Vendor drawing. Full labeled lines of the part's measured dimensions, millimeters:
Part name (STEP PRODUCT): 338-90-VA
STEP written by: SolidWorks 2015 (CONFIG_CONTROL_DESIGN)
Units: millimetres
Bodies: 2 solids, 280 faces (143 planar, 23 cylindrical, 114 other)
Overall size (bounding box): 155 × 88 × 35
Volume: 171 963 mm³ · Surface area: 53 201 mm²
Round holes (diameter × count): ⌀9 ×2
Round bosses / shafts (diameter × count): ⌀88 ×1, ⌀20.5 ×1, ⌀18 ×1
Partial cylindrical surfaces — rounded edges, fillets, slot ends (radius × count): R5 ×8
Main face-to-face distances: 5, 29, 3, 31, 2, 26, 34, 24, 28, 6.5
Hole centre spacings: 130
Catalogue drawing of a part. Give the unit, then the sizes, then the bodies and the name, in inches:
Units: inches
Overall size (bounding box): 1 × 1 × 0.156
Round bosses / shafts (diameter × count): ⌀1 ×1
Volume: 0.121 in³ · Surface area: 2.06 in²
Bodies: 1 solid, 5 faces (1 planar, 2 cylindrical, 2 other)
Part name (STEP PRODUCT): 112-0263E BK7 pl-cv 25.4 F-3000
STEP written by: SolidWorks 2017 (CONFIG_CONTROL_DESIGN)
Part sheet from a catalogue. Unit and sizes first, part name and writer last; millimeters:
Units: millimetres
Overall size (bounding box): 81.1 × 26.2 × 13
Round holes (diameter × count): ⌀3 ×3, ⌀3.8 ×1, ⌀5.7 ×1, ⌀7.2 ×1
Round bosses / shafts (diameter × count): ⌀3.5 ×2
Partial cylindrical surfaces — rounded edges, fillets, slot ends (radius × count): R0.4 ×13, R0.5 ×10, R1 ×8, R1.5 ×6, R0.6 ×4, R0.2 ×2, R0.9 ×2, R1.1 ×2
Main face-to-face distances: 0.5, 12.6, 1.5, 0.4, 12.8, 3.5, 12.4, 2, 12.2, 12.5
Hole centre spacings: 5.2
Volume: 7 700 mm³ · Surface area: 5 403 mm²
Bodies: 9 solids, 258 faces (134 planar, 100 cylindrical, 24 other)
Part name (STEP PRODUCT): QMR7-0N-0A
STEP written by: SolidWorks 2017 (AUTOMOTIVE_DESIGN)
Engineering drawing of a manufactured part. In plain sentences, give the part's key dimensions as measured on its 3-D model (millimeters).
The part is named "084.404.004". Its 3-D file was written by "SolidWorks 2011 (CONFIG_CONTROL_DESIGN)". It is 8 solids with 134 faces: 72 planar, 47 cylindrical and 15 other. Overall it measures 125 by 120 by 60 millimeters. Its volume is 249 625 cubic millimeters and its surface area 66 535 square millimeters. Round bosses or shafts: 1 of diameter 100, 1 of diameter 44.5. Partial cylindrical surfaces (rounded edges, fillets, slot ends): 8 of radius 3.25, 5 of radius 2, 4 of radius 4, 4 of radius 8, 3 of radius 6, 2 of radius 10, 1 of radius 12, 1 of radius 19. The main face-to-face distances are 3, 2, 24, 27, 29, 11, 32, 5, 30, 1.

··········

Problem to solve:
Return everything in the records. Keep each line exactly as written.

Completed task:
Vendor drawing. Full labeled lines of the part's measured dimensions, millimeters:
Part name (STEP PRODUCT): 338-90-VA
STEP written by: SolidWorks 2015 (CONFIG_CONTROL_DESIGN)
Units: millimetres
Bodies: 2 solids, 280 faces (143 planar, 23 cylindrical, 114 other)
Overall size (bounding box): 155 × 88 × 35
Volume: 171 963 mm³ · Surface area: 53 201 mm²
Round holes (diameter × count): ⌀9 ×2
Round bosses / shafts (diameter × count): ⌀88 ×1, ⌀20.5 ×1, ⌀18 ×1
Partial cylindrical surfaces — rounded edges, fillets, slot ends (radius × count): R5 ×8
Main face-to-face distances: 5, 29, 3, 31, 2, 26, 34, 24, 28, 6.5
Hole centre spacings: 130
Catalogue drawing of a part. Give the unit, then the sizes, then the bodies and the name, in inches:
Units: inches
Overall size (bounding box): 1 × 1 × 0.156
Round bosses / shafts (diameter × count): ⌀1 ×1
Volume: 0.121 in³ · Surface area: 2.06 in²
Bodies: 1 solid, 5 faces (1 planar, 2 cylindrical, 2 other)
Part name (STEP PRODUCT): 112-0263E BK7 pl-cv 25.4 F-3000
STEP written by: SolidWorks 2017 (CONFIG_CONTROL_DESIGN)
Part sheet from a catalogue. Unit and sizes first, part name and writer last; millimeters:
Units: millimetres
Overall size (bounding box): 81.1 × 26.2 × 13
Round holes (diameter × count): ⌀3 ×3, ⌀3.8 ×1, ⌀5.7 ×1, ⌀7.2 ×1
Round bosses / shafts (diameter × count): ⌀3.5 ×2
Partial cylindrical surfaces — rounded edges, fillets, slot ends (radius × count): R0.4 ×13, R0.5 ×10, R1 ×8, R1.5 ×6, R0.6 ×4, R0.2 ×2, R0.9 ×2, R1.1 ×2
Main face-to-face distances: 0.5, 12.6, 1.5, 0.4, 12.8, 3.5, 12.4, 2, 12.2, 12.5
Hole centre spacings: 5.2
Volume: 7 700 mm³ · Surface area: 5 403 mm²
Bodies: 9 solids, 258 faces (134 planar, 100 cylindrical, 24 other)
Part name (STEP PRODUCT): QMR7-0N-0A
STEP written by: SolidWorks 2017 (AUTOMOTIVE_DESIGN)
Engineering drawing of a manufactured part. In plain sentences, give the part's key dimensions as measured on its 3-D model (millimeters).
The part is named "084.404.004". Its 3-D file was written by "SolidWorks 2011 (CONFIG_CONTROL_DESIGN)". It is 8 solids with 134 faces: 72 planar, 47 cylindrical and 15 other. Overall it measures 125 by 120 by 60 millimeters. Its volume is 249 625 cubic millimeters and its surface area 66 535 square millimeters. Round bosses or shafts: 1 of diameter 100, 1 of diameter 44.5. Partial cylindrical surfaces (rounded edges, fillets, slot ends): 8 of radius 3.25, 5 of radius 2, 4 of radius 4, 4 of radius 8, 3 of radius 6, 2 of radius 10, 1 of radius 12, 1 of radius 19. The main face-to-face distances are 3, 2, 24, 27, 29, 11, 32, 5, 30, 1.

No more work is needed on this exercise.